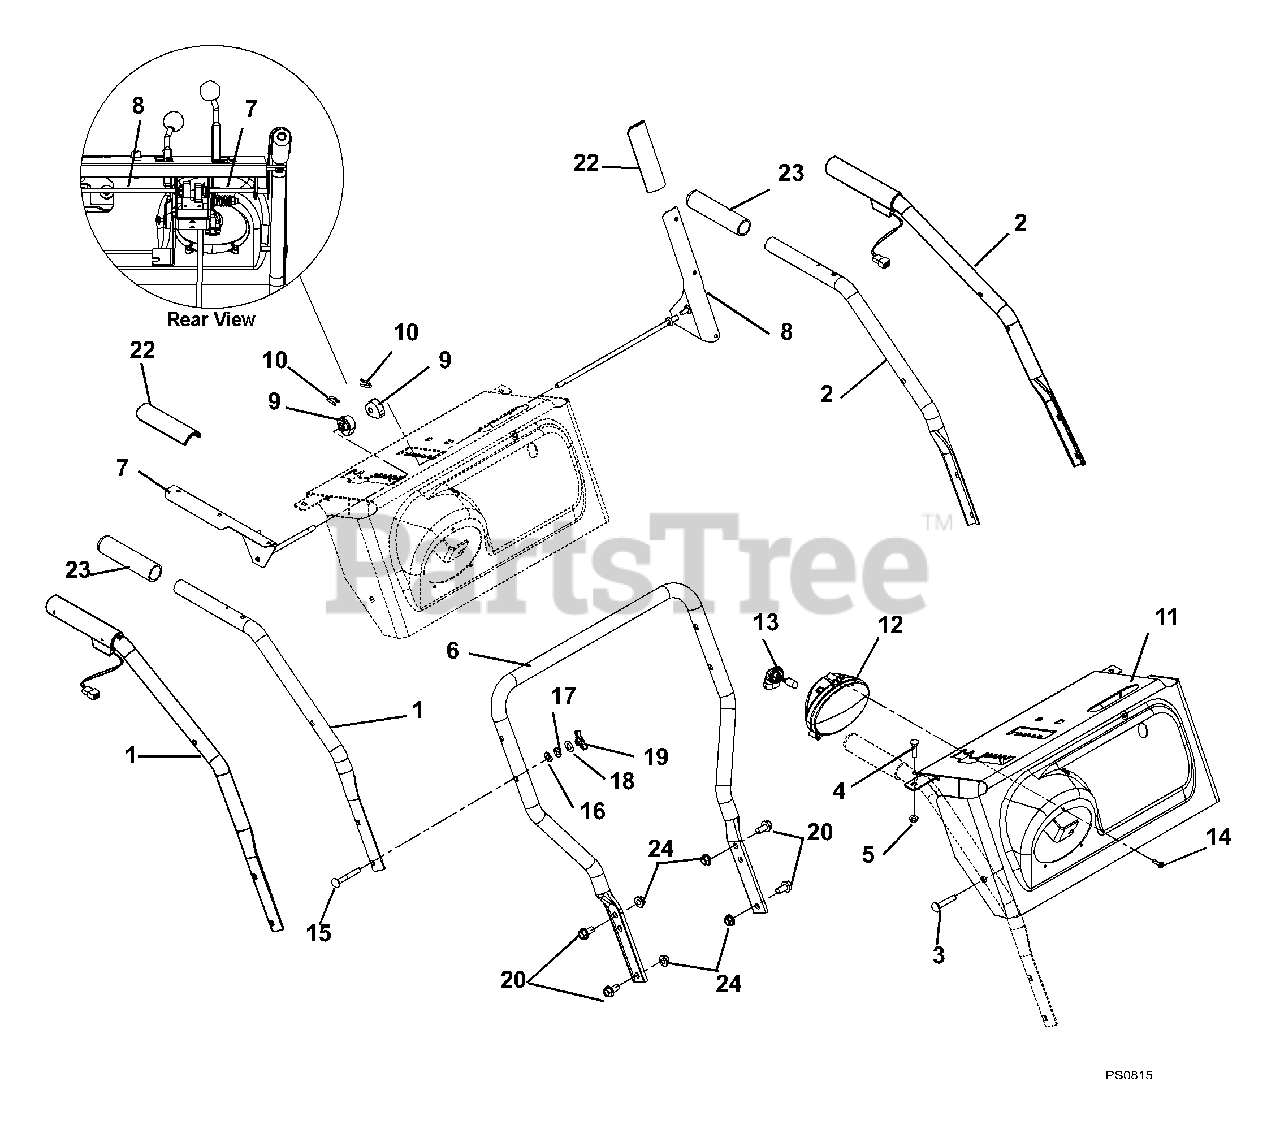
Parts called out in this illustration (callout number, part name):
1	HANDLEBAR, UPPER-RH
1	HANDLEBAR, UPPER RH-W/HW
2	HANDLEBAR, UPPER-LH
2	HANDLEBAR, UPPER LH-W/HW
3	@BLT-RDHDSQNK .31-18X1.75 G5YZ
4	BLT-RDHDXLSQNK.25-20X1.25 G5ZC
5	@NUT-LK-CTR .25-20 YWZC
6	HANDLEBAR, LOWER
7	LEVER, RH-ATTACHMENT
8	LEVER, LH-TRACTION
9	CAM, INTERLOCK
10	PIN, SPRING CLIP
11	PANEL-W/CONTROL DECAL
11	PANEL-W/CONTROL HW DECAL
11	PANEL-W/CONTROL 12V DECAL
11	PANEL-W/CONTROL BRUSH DECAL
12	LIGHT, HALOGEN ASSY.
13	BULB, LIGHT-HALOGEN 20W
14	SCR-TAP 10-16X.75 HI-LO PPH
15	@BLT-RDHDSQNK .31-18X2.25 G5YZ
16	WASHER,SADDLE-.320 X.937 X.062
17	WSHR-LK .312X.097 HVY YWZC
18	@WSHR-FL-STL.38X.875X.083 YWZC
19	KNOB - WING .312-18 UNC
20	BLT-SERHFWH .38-16X.75 YWZC
21	@NUT-LK-TOP-FLG .38-16 YWZC
22	GRIP, CLUTCH LEVER, LH AND RH
23	HANDLE GRIP
24	@NUT-LK-CTR .31-18 YWZC

━━━

Minus its pictures, the full listing should be copied verbatim.

Problem solution:
Parts called out in this illustration (callout number, part name):
1	HANDLEBAR, UPPER-RH
1	HANDLEBAR, UPPER RH-W/HW
2	HANDLEBAR, UPPER-LH
2	HANDLEBAR, UPPER LH-W/HW
3	@BLT-RDHDSQNK .31-18X1.75 G5YZ
4	BLT-RDHDXLSQNK.25-20X1.25 G5ZC
5	@NUT-LK-CTR .25-20 YWZC
6	HANDLEBAR, LOWER
7	LEVER, RH-ATTACHMENT
8	LEVER, LH-TRACTION
9	CAM, INTERLOCK
10	PIN, SPRING CLIP
11	PANEL-W/CONTROL DECAL
11	PANEL-W/CONTROL HW DECAL
11	PANEL-W/CONTROL 12V DECAL
11	PANEL-W/CONTROL BRUSH DECAL
12	LIGHT, HALOGEN ASSY.
13	BULB, LIGHT-HALOGEN 20W
14	SCR-TAP 10-16X.75 HI-LO PPH
15	@BLT-RDHDSQNK .31-18X2.25 G5YZ
16	WASHER,SADDLE-.320 X.937 X.062
17	WSHR-LK .312X.097 HVY YWZC
18	@WSHR-FL-STL.38X.875X.083 YWZC
19	KNOB - WING .312-18 UNC
20	BLT-SERHFWH .38-16X.75 YWZC
21	@NUT-LK-TOP-FLG .38-16 YWZC
22	GRIP, CLUTCH LEVER, LH AND RH
23	HANDLE GRIP
24	@NUT-LK-CTR .31-18 YWZC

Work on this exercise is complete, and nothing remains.